• _Source material_:
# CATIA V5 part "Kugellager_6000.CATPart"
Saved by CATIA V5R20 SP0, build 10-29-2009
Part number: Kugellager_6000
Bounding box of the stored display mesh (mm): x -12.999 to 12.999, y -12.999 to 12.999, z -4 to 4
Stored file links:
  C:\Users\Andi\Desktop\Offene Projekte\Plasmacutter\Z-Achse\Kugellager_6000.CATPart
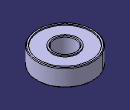
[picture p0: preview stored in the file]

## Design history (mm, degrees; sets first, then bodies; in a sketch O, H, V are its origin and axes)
AxisSystem1: origin (0, 0, 0), X (1, 0, 0), Y (0, 1, 0), Z (0, 0, 1)
Body1 (main body)
  Sketch1 on YZ plane of AxisSystem1, origin (0, 0, 0), H (0, 1, 0), V (0, 0, 1)
    line L1 (5, -4) -> (5, 4)
    line L2 (5, 4) -> (6, 4)
    line L3 (6, 4) -> (6, 3.5)
    line L4 (6, 3.5) -> (12, 3.5)
    line L5 (12, 3.5) -> (12, 4)
    point P6 (12, 4)
    line L6 (12, 4) -> (13, 4)
    line L7 (13, 4) -> (13, -4)
    line L8 (13, -4) -> (12, -4)
    point P9 (12, -4)
    line L9 (12, -4) -> (12, -3.5)
    line L10 (12, -3.5) -> (6, -3.5)
    point P11 (6, -3.5)
    line L11 (6, -3.5) -> (6, -4)
    point P12 (6, -4)
    line L12 (6, -4) -> (5, -4)
    reference projected line E1 through (0, 0) direction (0, 1) from edge [ZX plane of AxisSystem1 | YZ plane of AxisSystem1]
    construction line L13 (9, 3.5) -> (9, -3.5)
    point P13 (9, 3.5)
    point P14 (9, -3.5)
    distance L1 V = 5
    distance L7 E1 = 13
    length L7 = 8
    distance L4 L6 = 0.5
    distance L3 L1 = 1
    vertical: L1 V, L3 V, L5 V, L7 V, L9 V, L11 V, L13 V
    horizontal: L2 H, L4 H, L6 H, L8 H, L10 H, L12 H
    coincidence: P6 L2, P9 L5, P11 L3, P12 L8
    symmetry: L8 L6 H, L10 L4 H, L3 L5 L13, L1 L7 L13
    midpoint: P13 L4, P14 L10
  Shaft1: profile Sketch1, axis Sketch1.V, angle 360
  Chamfer1: length 0.3, angle 45, on edge [face of Shaft1 from Sketch1.L7 | face of Shaft1 from Sketch1.L6]; edge [face of Shaft1 from Sketch1.L8 | face of Shaft1 from Sketch1.L7]; edge [face of Shaft1 from Sketch1.L2 | face of Shaft1 from Sketch1.L1]; edge [face of Shaft1 from Sketch1.L1 | face of Shaft1 from Sketch1.L12]

• _Task goal_: When the word "angle" occurs in a line above, list that line.

• _Result below_:
  Shaft1: profile Sketch1, axis Sketch1.V, angle 360
  Chamfer1: length 0.3, angle 45, on edge [face of Shaft1 from Sketch1.L7 | face of Shaft1 from Sketch1.L6]; edge [face of Shaft1 from Sketch1.L8 | face of Shaft1 from Sketch1.L7]; edge [face of Shaft1 from Sketch1.L2 | face of Shaft1 from Sketch1.L1]; edge [face of Shaft1 from Sketch1.L1 | face of Shaft1 from Sketch1.L12]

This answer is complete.